Saved data entries:
[Start of Attachment]
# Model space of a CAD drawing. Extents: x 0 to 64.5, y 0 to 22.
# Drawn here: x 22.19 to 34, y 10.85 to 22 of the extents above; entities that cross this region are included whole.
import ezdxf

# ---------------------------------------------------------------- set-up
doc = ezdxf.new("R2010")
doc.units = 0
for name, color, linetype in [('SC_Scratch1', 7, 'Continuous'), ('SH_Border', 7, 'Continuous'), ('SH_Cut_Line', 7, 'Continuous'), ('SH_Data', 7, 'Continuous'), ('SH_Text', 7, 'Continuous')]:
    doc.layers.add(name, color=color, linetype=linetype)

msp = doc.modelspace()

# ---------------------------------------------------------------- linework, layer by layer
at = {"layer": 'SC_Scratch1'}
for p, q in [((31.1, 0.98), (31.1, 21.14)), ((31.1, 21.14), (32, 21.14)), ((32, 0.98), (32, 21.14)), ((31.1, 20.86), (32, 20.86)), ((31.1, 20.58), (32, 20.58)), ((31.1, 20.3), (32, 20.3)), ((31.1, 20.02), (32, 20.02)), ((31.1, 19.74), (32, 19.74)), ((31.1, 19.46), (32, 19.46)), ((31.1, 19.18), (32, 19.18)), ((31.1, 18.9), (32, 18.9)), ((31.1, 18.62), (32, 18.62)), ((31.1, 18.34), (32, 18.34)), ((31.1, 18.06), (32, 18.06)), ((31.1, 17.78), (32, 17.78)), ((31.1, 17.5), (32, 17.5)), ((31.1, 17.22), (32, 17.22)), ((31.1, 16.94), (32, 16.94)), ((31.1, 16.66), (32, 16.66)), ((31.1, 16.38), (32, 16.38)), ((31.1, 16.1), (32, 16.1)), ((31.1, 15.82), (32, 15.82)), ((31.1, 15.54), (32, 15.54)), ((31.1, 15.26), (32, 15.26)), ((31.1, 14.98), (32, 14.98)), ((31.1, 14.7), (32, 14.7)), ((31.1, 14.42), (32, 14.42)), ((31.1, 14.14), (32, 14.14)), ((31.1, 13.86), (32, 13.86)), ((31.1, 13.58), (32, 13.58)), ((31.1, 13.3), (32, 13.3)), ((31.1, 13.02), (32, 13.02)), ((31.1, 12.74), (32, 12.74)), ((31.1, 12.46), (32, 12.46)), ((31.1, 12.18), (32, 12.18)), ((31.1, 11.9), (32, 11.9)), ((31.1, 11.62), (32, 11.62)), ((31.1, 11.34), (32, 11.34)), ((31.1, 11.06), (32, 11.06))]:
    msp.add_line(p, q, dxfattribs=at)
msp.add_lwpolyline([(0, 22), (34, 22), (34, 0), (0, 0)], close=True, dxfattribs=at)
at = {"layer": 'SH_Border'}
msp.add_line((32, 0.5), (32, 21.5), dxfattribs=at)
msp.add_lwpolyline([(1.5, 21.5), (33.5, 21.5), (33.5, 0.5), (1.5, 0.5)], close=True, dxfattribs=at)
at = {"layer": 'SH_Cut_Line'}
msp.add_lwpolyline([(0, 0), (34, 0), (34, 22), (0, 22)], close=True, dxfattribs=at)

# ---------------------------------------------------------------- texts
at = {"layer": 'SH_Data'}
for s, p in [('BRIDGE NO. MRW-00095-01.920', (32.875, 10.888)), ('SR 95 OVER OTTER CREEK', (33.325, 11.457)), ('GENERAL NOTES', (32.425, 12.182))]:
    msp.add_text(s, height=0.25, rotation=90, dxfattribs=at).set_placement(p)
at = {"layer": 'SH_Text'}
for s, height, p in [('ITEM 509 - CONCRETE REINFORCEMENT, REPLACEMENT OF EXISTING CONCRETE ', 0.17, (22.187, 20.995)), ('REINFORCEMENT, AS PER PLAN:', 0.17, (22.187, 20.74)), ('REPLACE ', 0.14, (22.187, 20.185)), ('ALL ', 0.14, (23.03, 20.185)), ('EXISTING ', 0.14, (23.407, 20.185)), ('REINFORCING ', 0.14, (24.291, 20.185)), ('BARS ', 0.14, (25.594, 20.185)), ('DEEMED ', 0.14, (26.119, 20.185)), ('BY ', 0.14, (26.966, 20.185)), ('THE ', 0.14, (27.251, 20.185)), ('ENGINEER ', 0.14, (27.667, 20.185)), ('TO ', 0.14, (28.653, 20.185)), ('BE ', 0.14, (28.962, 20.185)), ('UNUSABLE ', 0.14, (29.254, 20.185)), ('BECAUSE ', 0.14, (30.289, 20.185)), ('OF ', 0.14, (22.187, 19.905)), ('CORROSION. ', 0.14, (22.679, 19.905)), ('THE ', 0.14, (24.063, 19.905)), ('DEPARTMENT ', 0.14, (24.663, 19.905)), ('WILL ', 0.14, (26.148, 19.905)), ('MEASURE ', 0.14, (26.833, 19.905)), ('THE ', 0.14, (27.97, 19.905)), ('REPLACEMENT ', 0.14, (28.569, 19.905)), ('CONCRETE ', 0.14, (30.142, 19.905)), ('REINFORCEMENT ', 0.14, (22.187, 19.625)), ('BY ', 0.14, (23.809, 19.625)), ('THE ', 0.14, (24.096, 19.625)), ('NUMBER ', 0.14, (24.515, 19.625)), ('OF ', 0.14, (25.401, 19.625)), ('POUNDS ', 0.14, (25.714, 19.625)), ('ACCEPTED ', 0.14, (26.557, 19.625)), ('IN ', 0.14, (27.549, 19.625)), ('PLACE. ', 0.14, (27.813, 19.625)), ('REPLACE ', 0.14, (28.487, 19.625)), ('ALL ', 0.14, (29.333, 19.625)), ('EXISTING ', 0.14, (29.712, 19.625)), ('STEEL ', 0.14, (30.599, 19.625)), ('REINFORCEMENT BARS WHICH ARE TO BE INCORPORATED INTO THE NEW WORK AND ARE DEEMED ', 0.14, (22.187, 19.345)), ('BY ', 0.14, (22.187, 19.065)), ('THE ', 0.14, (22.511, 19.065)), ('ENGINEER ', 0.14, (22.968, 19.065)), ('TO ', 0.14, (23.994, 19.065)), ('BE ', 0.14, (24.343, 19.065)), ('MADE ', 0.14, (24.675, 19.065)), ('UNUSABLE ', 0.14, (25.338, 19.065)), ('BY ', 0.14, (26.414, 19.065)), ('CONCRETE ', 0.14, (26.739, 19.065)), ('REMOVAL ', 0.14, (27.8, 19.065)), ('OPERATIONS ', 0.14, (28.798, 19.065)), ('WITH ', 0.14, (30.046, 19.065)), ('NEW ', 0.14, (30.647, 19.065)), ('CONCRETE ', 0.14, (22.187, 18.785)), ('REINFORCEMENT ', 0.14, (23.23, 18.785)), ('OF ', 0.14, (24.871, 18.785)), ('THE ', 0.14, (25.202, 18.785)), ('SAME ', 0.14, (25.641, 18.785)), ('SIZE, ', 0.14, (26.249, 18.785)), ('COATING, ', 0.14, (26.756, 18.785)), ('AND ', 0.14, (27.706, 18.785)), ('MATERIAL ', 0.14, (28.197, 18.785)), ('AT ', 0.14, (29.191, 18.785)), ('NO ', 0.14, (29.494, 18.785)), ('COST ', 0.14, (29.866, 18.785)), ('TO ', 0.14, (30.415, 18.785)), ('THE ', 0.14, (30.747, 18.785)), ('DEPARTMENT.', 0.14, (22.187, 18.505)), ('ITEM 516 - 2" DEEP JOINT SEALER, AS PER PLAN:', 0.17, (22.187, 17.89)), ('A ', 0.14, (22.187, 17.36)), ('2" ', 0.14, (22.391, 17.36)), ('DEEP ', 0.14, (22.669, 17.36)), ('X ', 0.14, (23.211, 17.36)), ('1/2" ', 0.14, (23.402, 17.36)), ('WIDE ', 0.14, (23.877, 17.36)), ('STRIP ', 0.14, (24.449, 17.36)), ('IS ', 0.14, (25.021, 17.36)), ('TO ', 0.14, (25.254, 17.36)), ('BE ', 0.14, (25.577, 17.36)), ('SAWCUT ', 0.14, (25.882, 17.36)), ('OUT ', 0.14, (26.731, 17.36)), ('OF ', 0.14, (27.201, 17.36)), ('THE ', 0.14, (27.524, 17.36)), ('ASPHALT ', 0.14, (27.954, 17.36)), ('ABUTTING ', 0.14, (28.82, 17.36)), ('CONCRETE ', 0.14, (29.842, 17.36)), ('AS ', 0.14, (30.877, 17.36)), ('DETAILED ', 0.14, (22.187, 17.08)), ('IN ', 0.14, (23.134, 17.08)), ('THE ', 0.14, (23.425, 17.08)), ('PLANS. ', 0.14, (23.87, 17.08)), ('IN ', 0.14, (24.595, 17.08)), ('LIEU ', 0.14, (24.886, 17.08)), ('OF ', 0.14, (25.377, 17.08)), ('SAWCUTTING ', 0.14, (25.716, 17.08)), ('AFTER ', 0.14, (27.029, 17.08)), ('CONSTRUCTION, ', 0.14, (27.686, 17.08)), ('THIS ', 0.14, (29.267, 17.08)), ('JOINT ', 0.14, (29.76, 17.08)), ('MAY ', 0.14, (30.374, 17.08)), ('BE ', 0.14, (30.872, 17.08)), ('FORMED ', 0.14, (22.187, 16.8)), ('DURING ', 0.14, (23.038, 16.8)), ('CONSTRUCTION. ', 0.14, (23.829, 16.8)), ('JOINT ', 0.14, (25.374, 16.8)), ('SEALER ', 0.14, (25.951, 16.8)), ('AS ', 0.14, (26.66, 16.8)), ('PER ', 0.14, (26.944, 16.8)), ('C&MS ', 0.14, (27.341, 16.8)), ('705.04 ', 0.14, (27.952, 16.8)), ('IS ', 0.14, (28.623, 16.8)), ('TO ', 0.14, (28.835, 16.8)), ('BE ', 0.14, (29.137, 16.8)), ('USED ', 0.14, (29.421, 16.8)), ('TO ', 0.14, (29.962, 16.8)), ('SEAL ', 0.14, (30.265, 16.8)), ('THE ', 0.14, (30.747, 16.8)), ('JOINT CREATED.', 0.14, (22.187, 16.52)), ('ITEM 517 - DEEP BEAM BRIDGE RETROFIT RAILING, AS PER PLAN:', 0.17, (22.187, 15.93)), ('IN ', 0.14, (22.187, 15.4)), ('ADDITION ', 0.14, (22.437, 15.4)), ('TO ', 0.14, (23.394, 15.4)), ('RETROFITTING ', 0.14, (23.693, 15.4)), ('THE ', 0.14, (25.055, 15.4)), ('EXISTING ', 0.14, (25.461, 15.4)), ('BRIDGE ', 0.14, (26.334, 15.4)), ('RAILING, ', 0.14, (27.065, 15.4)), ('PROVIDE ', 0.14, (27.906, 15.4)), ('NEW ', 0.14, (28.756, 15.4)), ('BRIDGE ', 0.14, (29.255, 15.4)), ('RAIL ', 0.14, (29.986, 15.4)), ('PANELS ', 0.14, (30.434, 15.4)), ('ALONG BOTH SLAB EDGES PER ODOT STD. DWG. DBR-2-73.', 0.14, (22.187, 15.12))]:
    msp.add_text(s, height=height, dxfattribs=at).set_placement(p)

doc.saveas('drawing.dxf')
[End of Attachment]
Each line from the top of the data, up to and including the line that contains "doc.units = 0", should be set down exactly.

**Answer space:**
# Model space of a CAD drawing. Extents: x 0 to 64.5, y 0 to 22.
# Drawn here: x 22.19 to 34, y 10.85 to 22 of the extents above; entities that cross this region are included whole.
import ezdxf

# ---------------------------------------------------------------- set-up
doc = ezdxf.new("R2010")
doc.units = 0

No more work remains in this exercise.